═══ Available data ═══

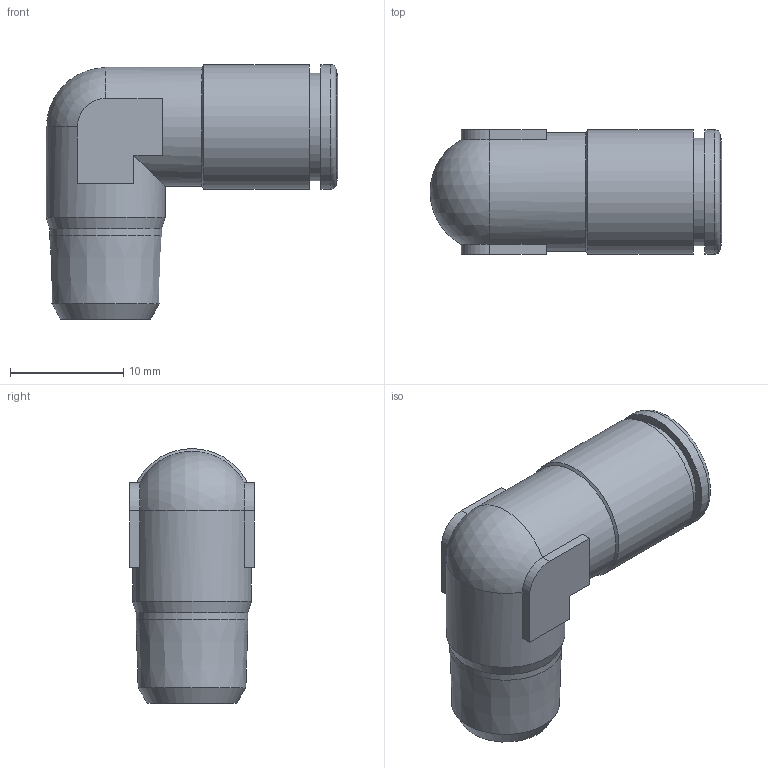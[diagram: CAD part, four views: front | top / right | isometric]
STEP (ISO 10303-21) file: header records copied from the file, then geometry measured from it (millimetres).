
FILE_DESCRIPTION(/* description */ (''),/* implementation_level */ '2;1');
FILE_NAME(/* name */ '201903-ES_STX019_6_R18_09.06.16',/* time_stamp */ '2016-06-09T08:09:05+02:00',/* author */ (''),/* organization */ (''),/* preprocessor_version */ 'ST-DEVELOPER v14',/* originating_system */ 'HiCAD 2013 1802.4 Build 509',/* authorisation */ '');
FILE_SCHEMA (('AUTOMOTIVE_DESIGN { 1 0 10303 214 1 1 1 1 }'));
Length unit declared in the file: millimetre
Products named in the file (3): Root; R201903-ES-N; DR6-1_NEU
Assembly tree (2 placements, depth 2):
  Root
    R201903-ES-N
    DR6-1_NEU
Bounding box: 25.75 x 11 x 22.5 mm (x, y, z)
Volume: 2079.1 mm3; surface area: 2528.4 mm2
Topology: 2 solids, 2 shells, 61 faces, 133 edges, 80 vertices
Faces by surface type: plane 23, cylinder 20, cone 16, sphere 1, torus 1
Full cylindrical faces by diameter (mm): 5 x2, 6.1 x1, 6.2 x1, 8.3 x1, 9 x1, 9.15 x2, 9.5 x1, 9.6 x1, 9.85 x2, 9.884 x1, 10.5 x2, 11 x2
Entity records: 2422 total; most frequent: CARTESIAN_POINT 284, DIRECTION 272, PRESENTATION_STYLE_ASSIGNMENT 182, COLOUR_RGB 181, DRAUGHTING_PRE_DEFINED_CURVE_FONT 180, CURVE_STYLE 180, OVER_RIDING_STYLED_ITEM 180, ORIENTED_EDGE 180

═══

> What is being asked
When a line in the listing has the string "records" in it, return that line.

> Result for this task
STEP (ISO 10303-21) file: header records copied from the file, then geometry measured from it (millimetres).
Entity records: 2422 total; most frequent: CARTESIAN_POINT 284, DIRECTION 272, PRESENTATION_STYLE_ASSIGNMENT 182, COLOUR_RGB 181, DRAUGHTING_PRE_DEFINED_CURVE_FONT 180, CURVE_STYLE 180, OVER_RIDING_STYLED_ITEM 180, ORIENTED_EDGE 180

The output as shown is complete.